[Input for this task]

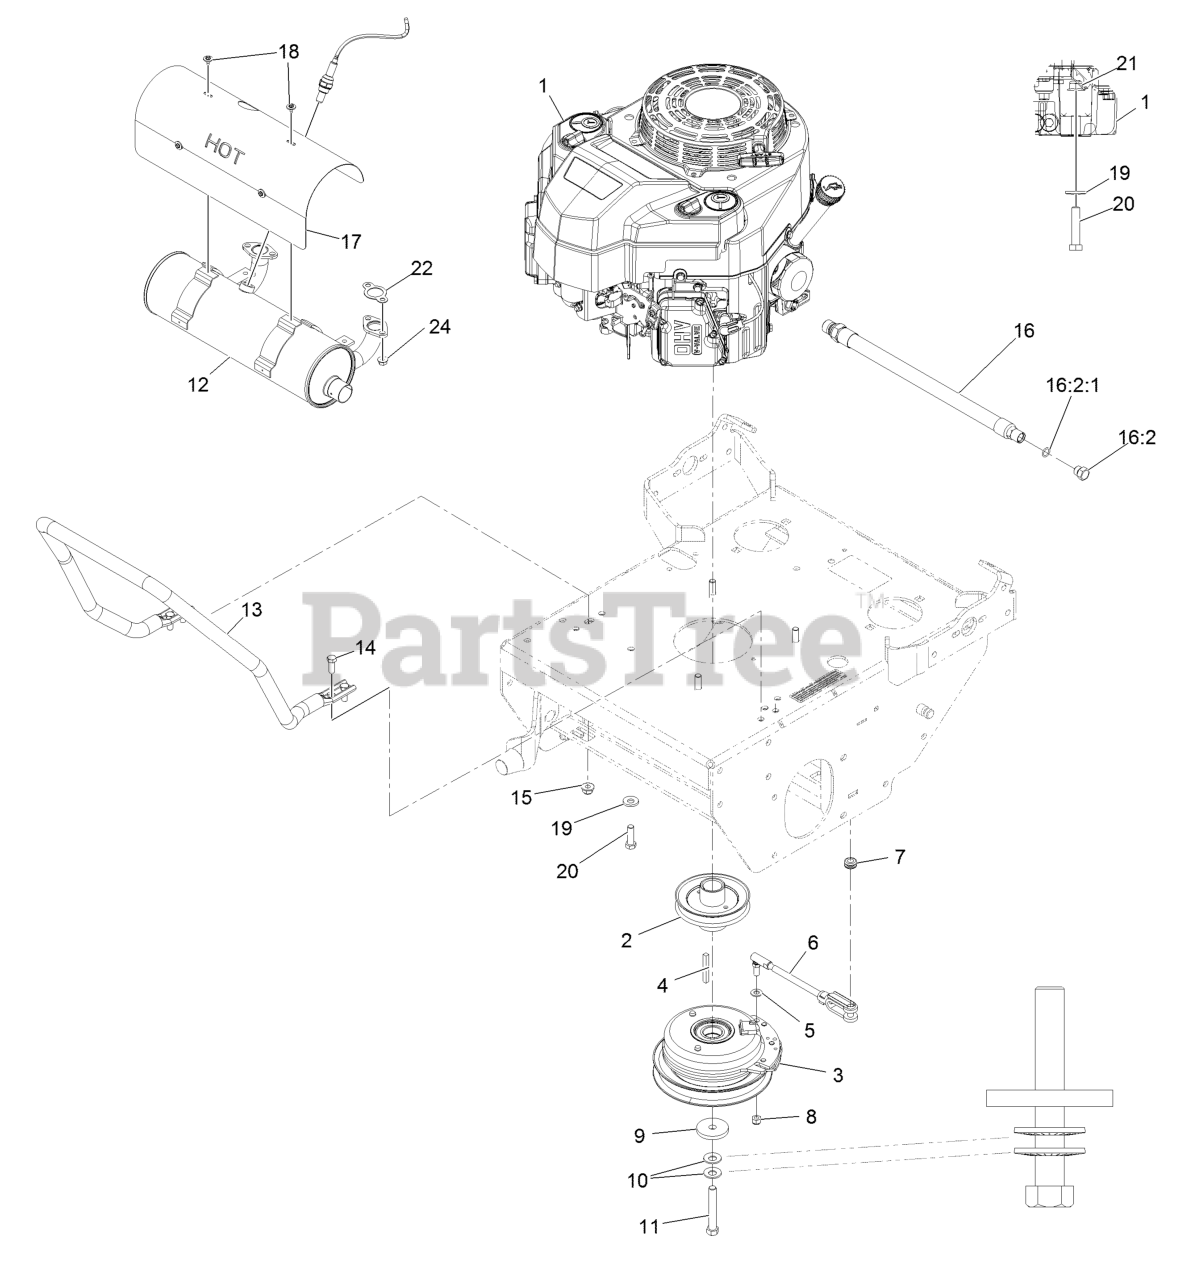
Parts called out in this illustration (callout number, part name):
2	SHEAVE, W/ HUB
3	CLUTCH, 125 FT/LBS, 1.13
4	KEY-SQUARE
5	WASHER-PLAIN
6	ASM, CLUTCH ANCHOR
7	GROMMET
8	NUT-LOCK
9	WASHER-CLUTCH
10	WASHER-SPRING
11	SCREW-HH
12	MUFFLER-TTX, EFI
13	GUARD,AIR CLEANER
14	SCREW-HH
15	NUT-HF, NI
16	OIL DRAIN HOSE ASM
16:2	PLUG-HH
16:2:1	O-RING
17	SHIELD-MUFFLER,TTX EFI
18	SCREW-HH, THREAD FORMING
19	WASHER-SPRING
20	SCREW-HH
21	NUT-HF, NI
22	GASKET-EXHAUST
24	NUT-FLANGE
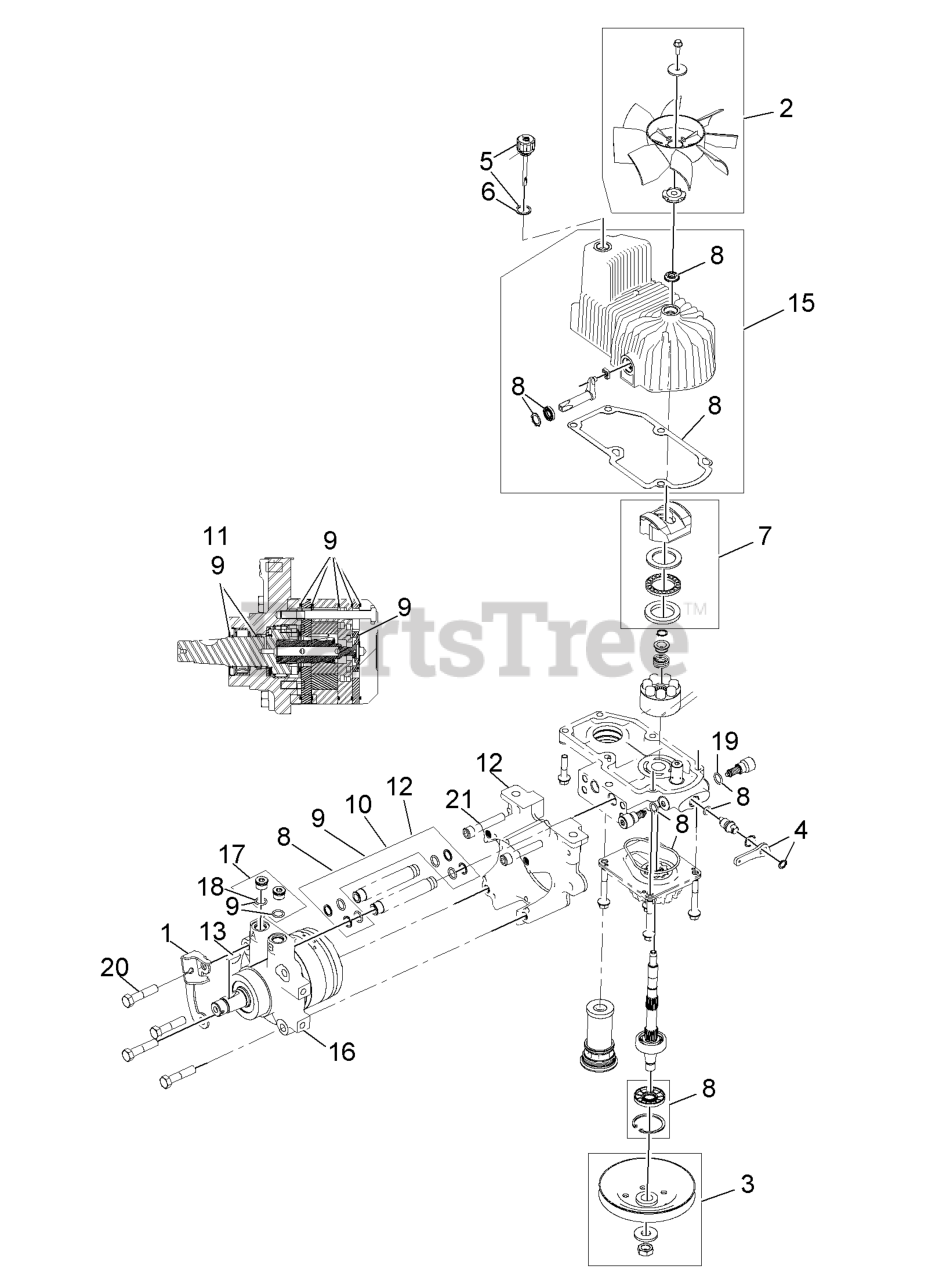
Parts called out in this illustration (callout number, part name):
1	BRACKET-ANCHOR, CABLE
2	FAN KIT
3	PULLEY KIT
4	HANDLE-BYPASS VALVE, HYDRO
5	DIPSTICK-HYDRO W/GASKET
6	GASKET-DIPSTICK, HYDRO
7	SWASH BLOCK KIT
8	PUMP SEAL KIT
9	MOTOR SEAL KIT
10	TUBE SEAL KIT
11	OUTPUT SHAFT SEAL KIT
12	NOSE CUP-UHT
13	KEY-WOODRUFF
15	HOUSING-HYDRO, LH
16	MOTOR-HYDRAULIC, LH 280CC
17	MAGNETIC PLUGS SERVICE KIT
19	O-RING-CHECK VALVE
20	SCREW HH
21	SCREW-HSH

[/Input for this task]

→ **The task**
Write out the records shown above exactly, but do not include any images.

→ **Task solution**
Parts called out in this illustration (callout number, part name):
2	SHEAVE, W/ HUB
3	CLUTCH, 125 FT/LBS, 1.13
4	KEY-SQUARE
5	WASHER-PLAIN
6	ASM, CLUTCH ANCHOR
7	GROMMET
8	NUT-LOCK
9	WASHER-CLUTCH
10	WASHER-SPRING
11	SCREW-HH
12	MUFFLER-TTX, EFI
13	GUARD,AIR CLEANER
14	SCREW-HH
15	NUT-HF, NI
16	OIL DRAIN HOSE ASM
16:2	PLUG-HH
16:2:1	O-RING
17	SHIELD-MUFFLER,TTX EFI
18	SCREW-HH, THREAD FORMING
19	WASHER-SPRING
20	SCREW-HH
21	NUT-HF, NI
22	GASKET-EXHAUST
24	NUT-FLANGE
Parts called out in this illustration (callout number, part name):
1	BRACKET-ANCHOR, CABLE
2	FAN KIT
3	PULLEY KIT
4	HANDLE-BYPASS VALVE, HYDRO
5	DIPSTICK-HYDRO W/GASKET
6	GASKET-DIPSTICK, HYDRO
7	SWASH BLOCK KIT
8	PUMP SEAL KIT
9	MOTOR SEAL KIT
10	TUBE SEAL KIT
11	OUTPUT SHAFT SEAL KIT
12	NOSE CUP-UHT
13	KEY-WOODRUFF
15	HOUSING-HYDRO, LH
16	MOTOR-HYDRAULIC, LH 280CC
17	MAGNETIC PLUGS SERVICE KIT
19	O-RING-CHECK VALVE
20	SCREW HH
21	SCREW-HSH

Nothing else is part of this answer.